Margaret Sullivan, news editor of the Berkshire-owned Buffalo (N.Y.) News, of which Buffett is chairman, wrote that Shirky has a “more dour point of view” about newspapers than Buffett.
“Shirky is a seminal thinker, and a well-respected one, on how technology affects media. He's always provocative and often right,” Sullivan wrote. “Then again, Buffett is known as the Oracle of Omaha. We have here a case of dueling crystal balls.
“I don't know whose point of view will prevail when the full story is told. But, in this case, I know who I'm rooting for.”
3 days a week
On a related matter, Buffett said last week that he thinks publishing a newspaper three days a week “is simply unsustainable over the longer term. Either a publication is a newspaper or a periodical, and I think three days a week crosses the line.”
The New Orleans Times-Picayune and newspapers in Mobile, Huntsville and Birmingham, Ala., all owned by the Newhouse family's Advance Publications, announced last month that starting in the fall they would publish print editions three days a week, cut their news staffs and boost online coverage.
Buffett's recent comments about newspapers led New Orleans musician Evan Christopher to post an open letter to Buffett on NolaVie, a website on New Orleans' life and culture.
In a response to Christopher, Buffett wrote that he has been “following the Times-Pic situation with interest. I don't know any of the facts on their profitability but was really surprised when they made the announcement. . . .
“New Orleans seems to me to be a very strongly defined community, and I believe the Times-Pic has high penetration. Therefore, I'm puzzled as to why the economics don't work on a seven-day basis. But I would have to have the detailed figures to make an analysis.
“The one thing I'm quite sure of: It would not work to start a competing paper. I have no insight as to whether the Newhouse family would sell the Times-Pic to a local group. They do not have a history of selling anything. That's something a member of the community should explore. Let me know if you learn more.”
He signed the letter, “Warren Buffett (non-musician)”
BYD Co., the Chinese automaker that is 10 percent owned by Berkshire, is defending the safety of its e6 electric car after a crash and fire killed a taxi driver and two passengers in the southern city of Shenzhen.
The Los Angeles Times reported that BYD issued a statement saying the e6 passed all government tests and, during the two years the cars have been used as taxis, 18 were involved in rear-end collisions with no injuries, fatalities or fires.
The fatal crash occurred when a drunken driver of a Nissan sports car crashed into taxi at 112 miles an hour.
The story quoted auto consultant Michael Dunne, from Indonesia, as saying investors are skittish about BYD's performance.
“When it comes to the technology itself and the reliability and safety of their cars, BYD has not been totally forthcoming with investors,” Dunne said. “They say, ‘Trust us. We know what we're doing, and Warren Buffett wouldn't invest in us unless we were the real deal.'”

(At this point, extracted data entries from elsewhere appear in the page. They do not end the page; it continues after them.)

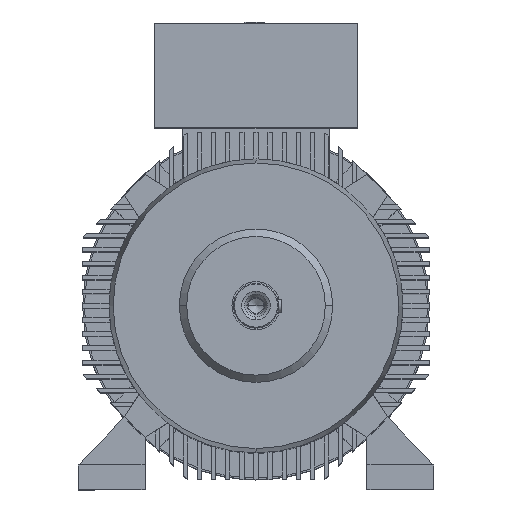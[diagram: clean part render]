
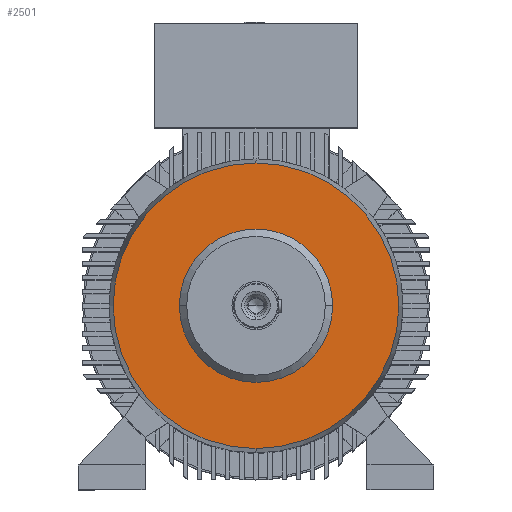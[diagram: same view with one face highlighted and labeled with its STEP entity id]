
A CAD part, top view. The second image highlights one B-rep face of the part: STEP entity #2501.
In plain terms, the highlighted planar face has unit normal (0, 0, 1).
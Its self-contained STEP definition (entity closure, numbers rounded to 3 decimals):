
#242 = FACE_OUTER_BOUND ( 'NONE', #14413, .T. ) ;
#340 = VERTEX_POINT ( 'NONE', #22393 ) ;
#393 = ORIENTED_EDGE ( 'NONE', *, *, #23772, .F. ) ;
#898 = DIRECTION ( 'NONE',  ( 0., 1., 0. ) ) ;
#1366 = DIRECTION ( 'NONE',  ( -1., 0., 0. ) ) ;
#2501 = ADVANCED_FACE ( 'NONE', ( #242, #11292 ), #19576, .F. ) ;
#3446 = CARTESIAN_POINT ( 'NONE',  ( 0., 0., 293.5 ) ) ;
#3604 = AXIS2_PLACEMENT_3D ( 'NONE', #7187, #9274, #898 ) ;
#3690 = DIRECTION ( 'NONE',  ( 0., 1., 0. ) ) ;
#3751 = VERTEX_POINT ( 'NONE', #5983 ) ;
#4118 = EDGE_CURVE ( 'NONE', #3751, #340, #19018, .T. ) ;
#4239 = CIRCLE ( 'NONE', #11996, 175.071 ) ;
#4570 = EDGE_CURVE ( 'NONE', #22176, #10336, #17352, .T. ) ;
#4705 = CARTESIAN_POINT ( 'NONE',  ( 0., 0., 293.5 ) ) ;
#5131 = DIRECTION ( 'NONE',  ( 0., 1., 0. ) ) ;
#5873 = CARTESIAN_POINT ( 'NONE',  ( 0., 0., 293.5 ) ) ;
#5983 = CARTESIAN_POINT ( 'NONE',  ( 0., 175.071, 293.5 ) ) ;
#6468 = EDGE_CURVE ( 'NONE', #340, #3751, #4239, .T. ) ;
#7187 = CARTESIAN_POINT ( 'NONE',  ( 0., 0., 293.5 ) ) ;
#7643 = DIRECTION ( 'NONE',  ( 0., 0., 1. ) ) ;
#9050 = DIRECTION ( 'NONE',  ( -1., 0., 0. ) ) ;
#9274 = DIRECTION ( 'NONE',  ( 0., 0., -1. ) ) ;
#10336 = VERTEX_POINT ( 'NONE', #25011 ) ;
#11137 = DIRECTION ( 'NONE',  ( 0., 0., -1. ) ) ;
#11292 = FACE_BOUND ( 'NONE', #25665, .T. ) ;
#11804 = AXIS2_PLACEMENT_3D ( 'NONE', #3446, #7643, #1366 ) ;
#11996 = AXIS2_PLACEMENT_3D ( 'NONE', #5873, #24656, #3690 ) ;
#14413 = EDGE_LOOP ( 'NONE', ( #18180, #22589 ) ) ;
#17311 = DIRECTION ( 'NONE',  ( 0., 0., 1. ) ) ;
#17352 = CIRCLE ( 'NONE', #11804, 94. ) ;
#18180 = ORIENTED_EDGE ( 'NONE', *, *, #4118, .F. ) ;
#18858 = CIRCLE ( 'NONE', #25815, 94. ) ;
#19018 = CIRCLE ( 'NONE', #3604, 175.071 ) ;
#19319 = ORIENTED_EDGE ( 'NONE', *, *, #4570, .F. ) ;
#19576 = PLANE ( 'NONE',  #21844 ) ;
#21844 = AXIS2_PLACEMENT_3D ( 'NONE', #25838, #11137, #5131 ) ;
#22176 = VERTEX_POINT ( 'NONE', #24058 ) ;
#22393 = CARTESIAN_POINT ( 'NONE',  ( 0., -175.071, 293.5 ) ) ;
#22589 = ORIENTED_EDGE ( 'NONE', *, *, #6468, .F. ) ;
#23772 = EDGE_CURVE ( 'NONE', #10336, #22176, #18858, .T. ) ;
#24058 = CARTESIAN_POINT ( 'NONE',  ( 94., 0., 293.5 ) ) ;
#24656 = DIRECTION ( 'NONE',  ( 0., 0., -1. ) ) ;
#25011 = CARTESIAN_POINT ( 'NONE',  ( -94., 0., 293.5 ) ) ;
#25665 = EDGE_LOOP ( 'NONE', ( #393, #19319 ) ) ;
#25815 = AXIS2_PLACEMENT_3D ( 'NONE', #4705, #17311, #9050 ) ;
#25838 = CARTESIAN_POINT ( 'NONE',  ( 0., 175.071, 293.5 ) ) ;

But the company has not produced an affordable electric car or introduced one to the United States, even though it opened a U.S. office in Los Angeles. Its gasoline-powered cars have a 3.2 percent share of the Chinese market.
Bidding for a “power lunch” with Buffett begins at 9:30 p.m. Monday and ends at 9:30 p.m. Friday on eBay, with the proceeds to benefit the Glide Foundation of San Francisco.
Over the past 12 years, the annual auction has brought in more than $11.5 million for the anti-poverty charity, which was favored by Buffett's late wife, Susan Thompson Buffett.
Ted Weschler won the last two auctions for a total of $5,252,722, and then Buffett hired him to manage some of Berkshire's investments.
Bidding starts at $25,000. You must be pre-approved to bid. The Smith & Wollensky steak house in New York City is to host the lunch.